Data entries

====

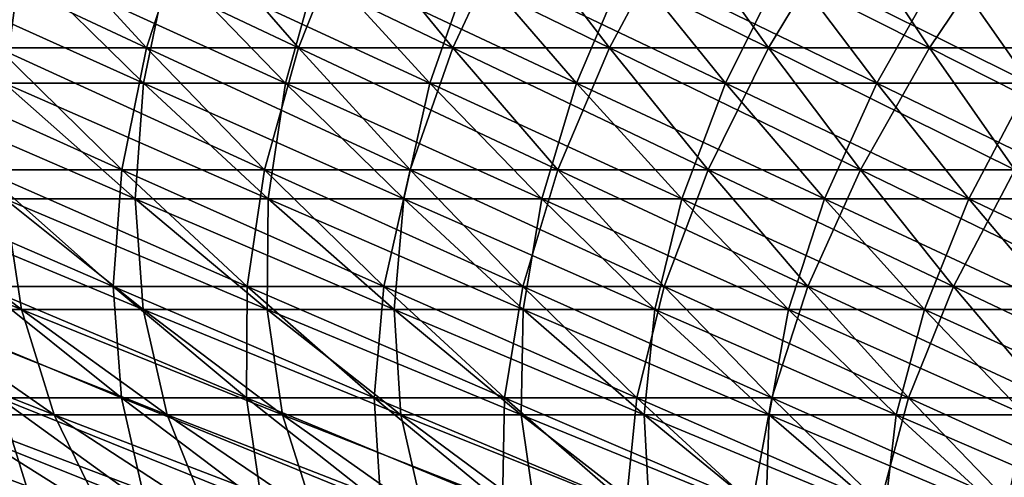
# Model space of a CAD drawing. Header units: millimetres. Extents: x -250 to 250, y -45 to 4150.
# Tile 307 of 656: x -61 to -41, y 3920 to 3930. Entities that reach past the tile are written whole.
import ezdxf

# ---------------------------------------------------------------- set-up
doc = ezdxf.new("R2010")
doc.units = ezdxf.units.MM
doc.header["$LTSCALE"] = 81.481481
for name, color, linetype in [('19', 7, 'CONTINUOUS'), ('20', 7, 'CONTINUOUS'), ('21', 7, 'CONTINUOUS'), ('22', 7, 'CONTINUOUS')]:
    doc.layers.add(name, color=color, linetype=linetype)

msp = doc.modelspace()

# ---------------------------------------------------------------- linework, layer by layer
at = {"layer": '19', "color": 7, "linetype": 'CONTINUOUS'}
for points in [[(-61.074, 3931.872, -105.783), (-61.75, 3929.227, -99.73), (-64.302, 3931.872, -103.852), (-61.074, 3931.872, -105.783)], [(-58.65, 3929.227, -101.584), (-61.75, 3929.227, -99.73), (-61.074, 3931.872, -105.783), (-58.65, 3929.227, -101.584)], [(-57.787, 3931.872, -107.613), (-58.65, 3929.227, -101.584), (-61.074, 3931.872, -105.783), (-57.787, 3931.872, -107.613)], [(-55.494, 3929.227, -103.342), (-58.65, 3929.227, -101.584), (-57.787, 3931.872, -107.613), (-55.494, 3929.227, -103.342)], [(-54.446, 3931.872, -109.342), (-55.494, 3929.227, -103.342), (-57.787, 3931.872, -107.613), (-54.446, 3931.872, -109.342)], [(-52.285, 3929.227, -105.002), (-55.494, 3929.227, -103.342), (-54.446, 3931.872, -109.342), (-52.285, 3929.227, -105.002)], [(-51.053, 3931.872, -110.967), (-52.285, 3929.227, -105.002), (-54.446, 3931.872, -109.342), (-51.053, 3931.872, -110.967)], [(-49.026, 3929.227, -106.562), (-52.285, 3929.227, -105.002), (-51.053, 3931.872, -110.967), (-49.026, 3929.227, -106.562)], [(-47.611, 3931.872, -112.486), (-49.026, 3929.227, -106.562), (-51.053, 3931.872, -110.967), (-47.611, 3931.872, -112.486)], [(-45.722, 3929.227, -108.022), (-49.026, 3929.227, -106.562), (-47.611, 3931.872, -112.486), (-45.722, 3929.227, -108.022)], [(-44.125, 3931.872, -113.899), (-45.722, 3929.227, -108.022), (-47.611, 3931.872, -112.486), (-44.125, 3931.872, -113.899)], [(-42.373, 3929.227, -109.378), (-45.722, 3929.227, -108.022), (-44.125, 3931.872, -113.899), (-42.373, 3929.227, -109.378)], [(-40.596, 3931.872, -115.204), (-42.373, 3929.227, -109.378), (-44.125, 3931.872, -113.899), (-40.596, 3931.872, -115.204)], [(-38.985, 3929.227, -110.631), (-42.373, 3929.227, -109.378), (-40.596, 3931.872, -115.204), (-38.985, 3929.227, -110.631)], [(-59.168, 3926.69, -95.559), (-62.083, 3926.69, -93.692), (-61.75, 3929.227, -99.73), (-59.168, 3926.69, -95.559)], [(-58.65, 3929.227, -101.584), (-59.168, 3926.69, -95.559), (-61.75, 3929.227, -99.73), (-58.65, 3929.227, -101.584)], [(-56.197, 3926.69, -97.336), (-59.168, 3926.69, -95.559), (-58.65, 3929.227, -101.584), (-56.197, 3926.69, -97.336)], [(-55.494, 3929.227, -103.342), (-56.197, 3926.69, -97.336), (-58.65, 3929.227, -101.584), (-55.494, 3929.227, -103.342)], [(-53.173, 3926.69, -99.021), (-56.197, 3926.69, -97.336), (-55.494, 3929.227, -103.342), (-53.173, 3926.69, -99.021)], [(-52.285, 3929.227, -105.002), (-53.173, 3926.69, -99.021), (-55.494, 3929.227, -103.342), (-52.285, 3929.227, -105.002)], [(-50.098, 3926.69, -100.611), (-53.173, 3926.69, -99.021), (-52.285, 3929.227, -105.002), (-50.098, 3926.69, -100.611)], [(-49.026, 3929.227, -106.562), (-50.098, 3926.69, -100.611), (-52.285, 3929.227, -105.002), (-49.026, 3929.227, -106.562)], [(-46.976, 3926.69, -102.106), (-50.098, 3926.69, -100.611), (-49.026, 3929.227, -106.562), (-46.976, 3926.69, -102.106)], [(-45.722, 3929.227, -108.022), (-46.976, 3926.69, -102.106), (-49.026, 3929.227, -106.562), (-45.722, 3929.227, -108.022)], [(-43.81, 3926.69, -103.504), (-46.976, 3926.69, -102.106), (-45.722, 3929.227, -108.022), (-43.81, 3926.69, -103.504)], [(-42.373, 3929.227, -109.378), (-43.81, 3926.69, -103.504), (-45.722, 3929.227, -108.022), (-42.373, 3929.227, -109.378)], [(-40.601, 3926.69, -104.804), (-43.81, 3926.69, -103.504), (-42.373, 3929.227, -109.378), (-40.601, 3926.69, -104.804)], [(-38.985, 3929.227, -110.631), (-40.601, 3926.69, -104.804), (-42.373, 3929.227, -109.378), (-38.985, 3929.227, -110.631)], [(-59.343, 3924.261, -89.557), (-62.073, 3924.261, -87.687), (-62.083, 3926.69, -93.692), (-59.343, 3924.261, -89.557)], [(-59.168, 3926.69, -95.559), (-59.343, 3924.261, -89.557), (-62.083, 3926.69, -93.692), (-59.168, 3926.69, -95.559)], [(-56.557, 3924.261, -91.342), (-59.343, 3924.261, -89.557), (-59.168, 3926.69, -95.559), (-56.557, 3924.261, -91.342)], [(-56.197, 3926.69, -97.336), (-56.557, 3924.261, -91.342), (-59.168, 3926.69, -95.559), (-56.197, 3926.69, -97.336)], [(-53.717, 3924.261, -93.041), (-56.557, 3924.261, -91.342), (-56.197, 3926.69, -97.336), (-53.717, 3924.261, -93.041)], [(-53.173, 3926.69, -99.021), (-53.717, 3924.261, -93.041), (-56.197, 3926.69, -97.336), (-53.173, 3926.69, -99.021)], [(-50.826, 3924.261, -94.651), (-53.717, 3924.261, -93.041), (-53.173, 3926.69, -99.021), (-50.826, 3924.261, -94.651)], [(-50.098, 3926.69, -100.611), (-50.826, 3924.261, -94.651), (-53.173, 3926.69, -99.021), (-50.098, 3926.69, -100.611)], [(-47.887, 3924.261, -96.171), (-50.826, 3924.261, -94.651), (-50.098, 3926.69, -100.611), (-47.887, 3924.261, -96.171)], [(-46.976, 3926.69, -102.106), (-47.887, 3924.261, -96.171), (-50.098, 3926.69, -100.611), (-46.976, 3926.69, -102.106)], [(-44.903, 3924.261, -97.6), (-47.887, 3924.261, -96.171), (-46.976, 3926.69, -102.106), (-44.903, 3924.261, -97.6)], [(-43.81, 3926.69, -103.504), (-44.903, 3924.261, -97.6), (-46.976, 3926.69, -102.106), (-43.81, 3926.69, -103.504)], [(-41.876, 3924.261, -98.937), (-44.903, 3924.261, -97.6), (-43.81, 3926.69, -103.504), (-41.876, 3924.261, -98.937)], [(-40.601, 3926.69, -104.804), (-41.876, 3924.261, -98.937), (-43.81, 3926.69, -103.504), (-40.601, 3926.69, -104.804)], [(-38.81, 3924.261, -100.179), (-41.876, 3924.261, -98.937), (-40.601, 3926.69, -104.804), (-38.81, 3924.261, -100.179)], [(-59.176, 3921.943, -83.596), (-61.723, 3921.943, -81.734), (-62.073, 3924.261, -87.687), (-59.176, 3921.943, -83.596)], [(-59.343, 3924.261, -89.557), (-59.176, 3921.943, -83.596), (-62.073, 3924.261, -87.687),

====

● YOUR ASSIGNMENT
Please print every record exactly, leaving out the pictures.

● EXERCISE ANSWER
# Model space of a CAD drawing. Header units: millimetres. Extents: x -250 to 250, y -45 to 4150.
# Tile 307 of 656: x -61 to -41, y 3920 to 3930. Entities that reach past the tile are written whole.
import ezdxf

# ---------------------------------------------------------------- set-up
doc = ezdxf.new("R2010")
doc.units = ezdxf.units.MM
doc.header["$LTSCALE"] = 81.481481
for name, color, linetype in [('19', 7, 'CONTINUOUS'), ('20', 7, 'CONTINUOUS'), ('21', 7, 'CONTINUOUS'), ('22', 7, 'CONTINUOUS')]:
    doc.layers.add(name, color=color, linetype=linetype)

msp = doc.modelspace()

# ---------------------------------------------------------------- linework, layer by layer
at = {"layer": '19', "color": 7, "linetype": 'CONTINUOUS'}
for points in [[(-61.074, 3931.872, -105.783), (-61.75, 3929.227, -99.73), (-64.302, 3931.872, -103.852), (-61.074, 3931.872, -105.783)], [(-58.65, 3929.227, -101.584), (-61.75, 3929.227, -99.73), (-61.074, 3931.872, -105.783), (-58.65, 3929.227, -101.584)], [(-57.787, 3931.872, -107.613), (-58.65, 3929.227, -101.584), (-61.074, 3931.872, -105.783), (-57.787, 3931.872, -107.613)], [(-55.494, 3929.227, -103.342), (-58.65, 3929.227, -101.584), (-57.787, 3931.872, -107.613), (-55.494, 3929.227, -103.342)], [(-54.446, 3931.872, -109.342), (-55.494, 3929.227, -103.342), (-57.787, 3931.872, -107.613), (-54.446, 3931.872, -109.342)], [(-52.285, 3929.227, -105.002), (-55.494, 3929.227, -103.342), (-54.446, 3931.872, -109.342), (-52.285, 3929.227, -105.002)], [(-51.053, 3931.872, -110.967), (-52.285, 3929.227, -105.002), (-54.446, 3931.872, -109.342), (-51.053, 3931.872, -110.967)], [(-49.026, 3929.227, -106.562), (-52.285, 3929.227, -105.002), (-51.053, 3931.872, -110.967), (-49.026, 3929.227, -106.562)], [(-47.611, 3931.872, -112.486), (-49.026, 3929.227, -106.562), (-51.053, 3931.872, -110.967), (-47.611, 3931.872, -112.486)], [(-45.722, 3929.227, -108.022), (-49.026, 3929.227, -106.562), (-47.611, 3931.872, -112.486), (-45.722, 3929.227, -108.022)], [(-44.125, 3931.872, -113.899), (-45.722, 3929.227, -108.022), (-47.611, 3931.872, -112.486), (-44.125, 3931.872, -113.899)], [(-42.373, 3929.227, -109.378), (-45.722, 3929.227, -108.022), (-44.125, 3931.872, -113.899), (-42.373, 3929.227, -109.378)], [(-40.596, 3931.872, -115.204), (-42.373, 3929.227, -109.378), (-44.125, 3931.872, -113.899), (-40.596, 3931.872, -115.204)], [(-38.985, 3929.227, -110.631), (-42.373, 3929.227, -109.378), (-40.596, 3931.872, -115.204), (-38.985, 3929.227, -110.631)], [(-59.168, 3926.69, -95.559), (-62.083, 3926.69, -93.692), (-61.75, 3929.227, -99.73), (-59.168, 3926.69, -95.559)], [(-58.65, 3929.227, -101.584), (-59.168, 3926.69, -95.559), (-61.75, 3929.227, -99.73), (-58.65, 3929.227, -101.584)], [(-56.197, 3926.69, -97.336), (-59.168, 3926.69, -95.559), (-58.65, 3929.227, -101.584), (-56.197, 3926.69, -97.336)], [(-55.494, 3929.227, -103.342), (-56.197, 3926.69, -97.336), (-58.65, 3929.227, -101.584), (-55.494, 3929.227, -103.342)], [(-53.173, 3926.69, -99.021), (-56.197, 3926.69, -97.336), (-55.494, 3929.227, -103.342), (-53.173, 3926.69, -99.021)], [(-52.285, 3929.227, -105.002), (-53.173, 3926.69, -99.021), (-55.494, 3929.227, -103.342), (-52.285, 3929.227, -105.002)], [(-50.098, 3926.69, -100.611), (-53.173, 3926.69, -99.021), (-52.285, 3929.227, -105.002), (-50.098, 3926.69, -100.611)], [(-49.026, 3929.227, -106.562), (-50.098, 3926.69, -100.611), (-52.285, 3929.227, -105.002), (-49.026, 3929.227, -106.562)], [(-46.976, 3926.69, -102.106), (-50.098, 3926.69, -100.611), (-49.026, 3929.227, -106.562), (-46.976, 3926.69, -102.106)], [(-45.722, 3929.227, -108.022), (-46.976, 3926.69, -102.106), (-49.026, 3929.227, -106.562), (-45.722, 3929.227, -108.022)], [(-43.81, 3926.69, -103.504), (-46.976, 3926.69, -102.106), (-45.722, 3929.227, -108.022), (-43.81, 3926.69, -103.504)], [(-42.373, 3929.227, -109.378), (-43.81, 3926.69, -103.504), (-45.722, 3929.227, -108.022), (-42.373, 3929.227, -109.378)], [(-40.601, 3926.69, -104.804), (-43.81, 3926.69, -103.504), (-42.373, 3929.227, -109.378), (-40.601, 3926.69, -104.804)], [(-38.985, 3929.227, -110.631), (-40.601, 3926.69, -104.804), (-42.373, 3929.227, -109.378), (-38.985, 3929.227, -110.631)], [(-59.343, 3924.261, -89.557), (-62.073, 3924.261, -87.687), (-62.083, 3926.69, -93.692), (-59.343, 3924.261, -89.557)], [(-59.168, 3926.69, -95.559), (-59.343, 3924.261, -89.557), (-62.083, 3926.69, -93.692), (-59.168, 3926.69, -95.559)], [(-56.557, 3924.261, -91.342), (-59.343, 3924.261, -89.557), (-59.168, 3926.69, -95.559), (-56.557, 3924.261, -91.342)], [(-56.197, 3926.69, -97.336), (-56.557, 3924.261, -91.342), (-59.168, 3926.69, -95.559), (-56.197, 3926.69, -97.336)], [(-53.717, 3924.261, -93.041), (-56.557, 3924.261, -91.342), (-56.197, 3926.69, -97.336), (-53.717, 3924.261, -93.041)], [(-53.173, 3926.69, -99.021), (-53.717, 3924.261, -93.041), (-56.197, 3926.69, -97.336), (-53.173, 3926.69, -99.021)], [(-50.826, 3924.261, -94.651), (-53.717, 3924.261, -93.041), (-53.173, 3926.69, -99.021), (-50.826, 3924.261, -94.651)], [(-50.098, 3926.69, -100.611), (-50.826, 3924.261, -94.651), (-53.173, 3926.69, -99.021), (-50.098, 3926.69, -100.611)], [(-47.887, 3924.261, -96.171), (-50.826, 3924.261, -94.651), (-50.098, 3926.69, -100.611), (-47.887, 3924.261, -96.171)], [(-46.976, 3926.69, -102.106), (-47.887, 3924.261, -96.171), (-50.098, 3926.69, -100.611), (-46.976, 3926.69, -102.106)], [(-44.903, 3924.261, -97.6), (-47.887, 3924.261, -96.171), (-46.976, 3926.69, -102.106), (-44.903, 3924.261, -97.6)], [(-43.81, 3926.69, -103.504), (-44.903, 3924.261, -97.6), (-46.976, 3926.69, -102.106), (-43.81, 3926.69, -103.504)], [(-41.876, 3924.261, -98.937), (-44.903, 3924.261, -97.6), (-43.81, 3926.69, -103.504), (-41.876, 3924.261, -98.937)], [(-40.601, 3926.69, -104.804), (-41.876, 3924.261, -98.937), (-43.81, 3926.69, -103.504), (-40.601, 3926.69, -104.804)], [(-38.81, 3924.261, -100.179), (-41.876, 3924.261, -98.937), (-40.601, 3926.69, -104.804), (-38.81, 3924.261, -100.179)], [(-59.176, 3921.943, -83.596), (-61.723, 3921.943, -81.734), (-62.073, 3924.261, -87.687), (-59.176, 3921.943, -83.596)], [(-59.343, 3924.261, -89.557), (-59.176, 3921.943, -83.596), (-62.073, 3924.261, -87.687),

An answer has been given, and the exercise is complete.